DIRECTIONS FOR THIS TASK
Starting at the top of the records below, write out each line exactly as it stands, stopping after the line with "blk = doc.blocks.new('Linia_27', base_point=(-90007, 64185))"; exclude the pictures.

STORED DATA
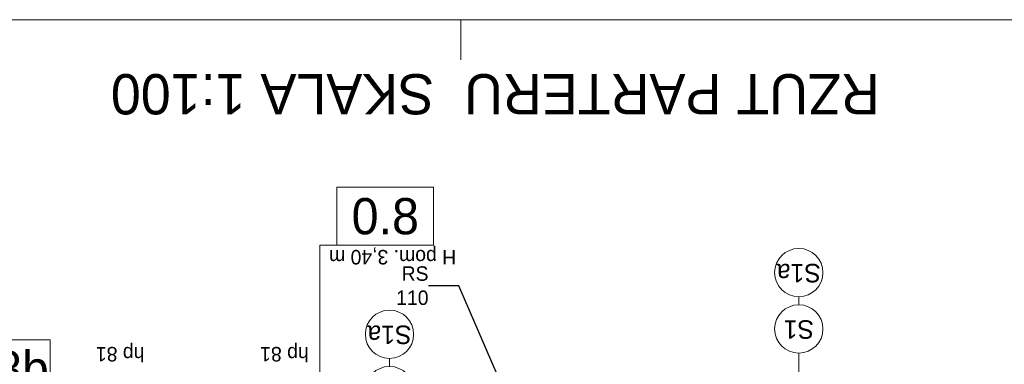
# Model space of a CAD drawing. Extents: x -145259 to -66341, y -2316 to 227384.
# Tile 33 of 143: x -93736 to -81510, y 62704 to 66984. Entities that reach past the tile are written whole.
import ezdxf

# ---------------------------------------------------------------- set-up
doc = ezdxf.new("R2010")
doc.units = 0
doc.header["$MEASUREMENT"] = 0
doc.layers.add('Arch opisy', color=7, linetype='Continuous')
for name, color, linetype, lineweight in [('Arch opisy_Nr_Pióra__1', 7, 'Continuous', 25), ('Arch opisy_Nr_Pióra__21', 7, 'Continuous', 13), ('ARCH TABELA_Nr_Pióra__21', 7, 'Continuous', 13), ('INWENT OPISY_Nr_Pióra__21', 7, 'Continuous', 13)]:
    doc.layers.add(name, color=color, linetype=linetype, lineweight=lineweight)
doc.styles.add('GENERATED_STYLE_5', font='txt')
doc.styles.add('GENERATED_STYLE_6', font='txt')
doc.styles.add('GENERATED_STYLE_7', font='txt')
doc.dimstyles.new('GENERATED_STYLE__9', dxfattribs={"dimtxt": 0.18, "dimasz": 109.44, "dimexe": 0.18, "dimexo": 0.0625, "dimgap": 0.09, "dimtad": 0, "dimtih": 1, "dimtoh": 1, "dimdec": 4, "dimzin": 0, "dimdsep": 46, "dimcen": 0.09, "dimadec": 0, "dimazin": 0, "dimtfac": 1, "dimtdec": 4, "dimtmove": 0, "dimatfit": 3, "dimldrblk": 'ARROWHEAD_11', "dimfxl": 0, "dimtolj": 1, "dimtzin": 0, "dimarcsym": 0})

# ---------------------------------------------------------------- blocks, each defined once
blk = doc.blocks.new('Linia_7', base_point=(-84062, 61664))
at = {"layer": 'Arch opisy_Nr_Pióra__21', "linetype": 'Continuous'}
blk.add_line((-84062, 61664), (-84062, 62843), dxfattribs=at)
blk.add_circle((-84062, 63143), 300, dxfattribs=at)
blk = doc.blocks.new('Linia_27', base_point=(-90007, 64185))
at = {"layer": 'Arch opisy_Nr_Pióra__21', "linetype": 'Continuous'}
blk.add_hatch(color=256, dxfattribs=at).paths.add_polyline_path([(-89932, 59685), (-89938, 59714), (-89954, 59738), (-89979, 59754), (-90007, 59760), (-90036, 59754), (-90060, 59738), (-90077, 59714), (-90082, 59685), (-90077, 59657), (-90060, 59632), (-90036, 59616), (-90007, 59610), (-89979, 59616), (-89954, 59632), (-89938, 59657)], flags=0)
blk.add_line((-90007, 64185), (-90007, 59760), dxfattribs=at)
blk.add_circle((-90007, 59685), 75, dxfattribs=at)
blk = doc.blocks.new('Linia_32', base_point=(-84062, 63143))
at = {"layer": 'Arch opisy_Nr_Pióra__21', "linetype": 'Continuous'}
blk.add_line((-84062, 63443), (-84062, 63543), dxfattribs=at)
for centre in [(-84062, 63843), (-84062, 63143)]:
    blk.add_circle(centre, 300, dxfattribs=at)
blk = doc.blocks.new('Linia_33', base_point=(-89144, 62377))
at = {"layer": 'Arch opisy_Nr_Pióra__21', "linetype": 'Continuous'}
blk.add_line((-89144, 62677), (-89144, 62777), dxfattribs=at)
for centre in [(-89144, 63077), (-89144, 62377)]:
    blk.add_circle(centre, 300, dxfattribs=at)
blk = doc.blocks.new('ARROWHEAD_11')
at = {"color": 0, "linetype": 'Continuous', "lineweight": 0}
blk.add_line((0, 0), (-1, 0), dxfattribs=at)
at = {"color": 0, "linetype": 'Continuous', "lineweight": 0, "const_width": 0.25, "flags": 128}
blk.add_lwpolyline([(-0.125, 0, 1), (0.125, 0, 1)], format="xyb", close=True, dxfattribs=at)

msp = doc.modelspace()

# ---------------------------------------------------------------- linework, layer by layer
at = {"layer": 'Arch opisy_Nr_Pióra__21', "linetype": 'Continuous'}
for p, q in [((-89796.6, 64904.9), (-89796.6, 64184.9)), ((-88596.6, 64904.9), (-89796.6, 64904.9)), ((-88596.6, 64184.9), (-88596.6, 64904.9)), ((-88596.6, 64184.9), (-90007.5, 64184.9)), ((-89796.6, 64184.9), (-88596.6, 64184.9)), ((-93358.8, 63006.4), (-94558.8, 63006.4)), ((-93358.8, 62286.4), (-93358.8, 63006.4))]:
    msp.add_line(p, q, dxfattribs=at)
at = {"layer": 'ARCH TABELA_Nr_Pióra__21', "linetype": 'Continuous'}
for p, q in [((-145258.7, 66983.6), (-70258.7, 66983.6)), ((-88258.7, 66483.6), (-88258.7, 66983.6)), ((-88258.7, 66483.6), (-88258.7, 66983.6)), ((-88258.7, 66483.6), (-88258.7, 66983.6))]:
    msp.add_line(p, q, dxfattribs=at)

# ---------------------------------------------------------------- block references
at = {"layer": 'Arch opisy', "linetype": 'Continuous'}
for name, p in [('Linia_27', (-90007.5, 64184.9)), ('Linia_32', (-84061.7, 63142.6)), ('Linia_33', (-89144.4, 62376.6)), ('Linia_7', (-84061.7, 61663.6))]:
    msp.add_blockref(name, p, dxfattribs=at)

# ---------------------------------------------------------------- texts
at = {"layer": 'Arch opisy_Nr_Pióra__1', "linetype": 'Continuous', "rotation": 180}
for s, insert, char_height, attachment_point, style in [('{RZUT PARTERU  SKALA 1:100}', (-92604.8, 65808), 500, 3, 'GENERATED_STYLE_7'), ('{S1a}', (-84061.7, 63721.2), 230, 2, 'GENERATED_STYLE_6'), ('{S1}', (-84061.7, 63021.2), 230, 2, 'GENERATED_STYLE_6'), ('{S1a}', (-89144.4, 62955.3), 230, 2, 'GENERATED_STYLE_6')]:
    msp.add_mtext(s, dxfattribs=dict(at, insert=insert, char_height=char_height, attachment_point=attachment_point, style=style))
at = {"layer": 'Arch opisy_Nr_Pióra__1', "linetype": 'Continuous', "char_height": 450, "attachment_point": 8, "style": 'GENERATED_STYLE_5'}
for s, insert in [('{0.8}', (-89196.6, 64311.9)), ('{0.8b}', (-93958.8, 62413.5))]:
    msp.add_mtext(s, dxfattribs=dict(at, insert=insert))
at = {"layer": 'INWENT OPISY_Nr_Pióra__21', "linetype": 'Continuous', "char_height": 180, "attachment_point": 2, "rotation": 180, "style": 'GENERATED_STYLE_7'}
for s, insert in [('{H pom. 3,40 m}', (-89105.5, 63944.1)), ('{hp 81}', (-92488.7, 62738.9)), ('{hp 81}', (-90448.7, 62738.9))]:
    msp.add_mtext(s, dxfattribs=dict(at, insert=insert))
at = {"layer": 'INWENT OPISY_Nr_Pióra__21', "linetype": 'Continuous', "insert": (-88659.7, 63679.3), "char_height": 180, "width": 692.895, "attachment_point": 6, "style": 'GENERATED_STYLE_6'}
msp.add_mtext('{RS 110}', dxfattribs=at)

# ---------------------------------------------------------------- leaders
at = {"layer": 'INWENT OPISY_Nr_Pióra__21', "linetype": 'Continuous', "annotation_type": 0, "has_hookline": 1, "hookline_direction": 1, "text_width": 437.1}
msp.add_leader([(-87448.7, 61753.6), (-88284.7, 63679.3), (-88659.6, 63679.3)], dimstyle='GENERATED_STYLE__9', dxfattribs=at)

doc.saveas('drawing.dxf')

SOLUTION TO THE PROBLEM
# Model space of a CAD drawing. Extents: x -145259 to -66341, y -2316 to 227384.
# Tile 33 of 143: x -93736 to -81510, y 62704 to 66984. Entities that reach past the tile are written whole.
import ezdxf

# ---------------------------------------------------------------- set-up
doc = ezdxf.new("R2010")
doc.units = 0
doc.header["$MEASUREMENT"] = 0
doc.layers.add('Arch opisy', color=7, linetype='Continuous')
for name, color, linetype, lineweight in [('Arch opisy_Nr_Pióra__1', 7, 'Continuous', 25), ('Arch opisy_Nr_Pióra__21', 7, 'Continuous', 13), ('ARCH TABELA_Nr_Pióra__21', 7, 'Continuous', 13), ('INWENT OPISY_Nr_Pióra__21', 7, 'Continuous', 13)]:
    doc.layers.add(name, color=color, linetype=linetype, lineweight=lineweight)
doc.styles.add('GENERATED_STYLE_5', font='txt')
doc.styles.add('GENERATED_STYLE_6', font='txt')
doc.styles.add('GENERATED_STYLE_7', font='txt')
doc.dimstyles.new('GENERATED_STYLE__9', dxfattribs={"dimtxt": 0.18, "dimasz": 109.44, "dimexe": 0.18, "dimexo": 0.0625, "dimgap": 0.09, "dimtad": 0, "dimtih": 1, "dimtoh": 1, "dimdec": 4, "dimzin": 0, "dimdsep": 46, "dimcen": 0.09, "dimadec": 0, "dimazin": 0, "dimtfac": 1, "dimtdec": 4, "dimtmove": 0, "dimatfit": 3, "dimldrblk": 'ARROWHEAD_11', "dimfxl": 0, "dimtolj": 1, "dimtzin": 0, "dimarcsym": 0})

# ---------------------------------------------------------------- blocks, each defined once
blk = doc.blocks.new('Linia_7', base_point=(-84062, 61664))
at = {"layer": 'Arch opisy_Nr_Pióra__21', "linetype": 'Continuous'}
blk.add_line((-84062, 61664), (-84062, 62843), dxfattribs=at)
blk.add_circle((-84062, 63143), 300, dxfattribs=at)
blk = doc.blocks.new('Linia_27', base_point=(-90007, 64185))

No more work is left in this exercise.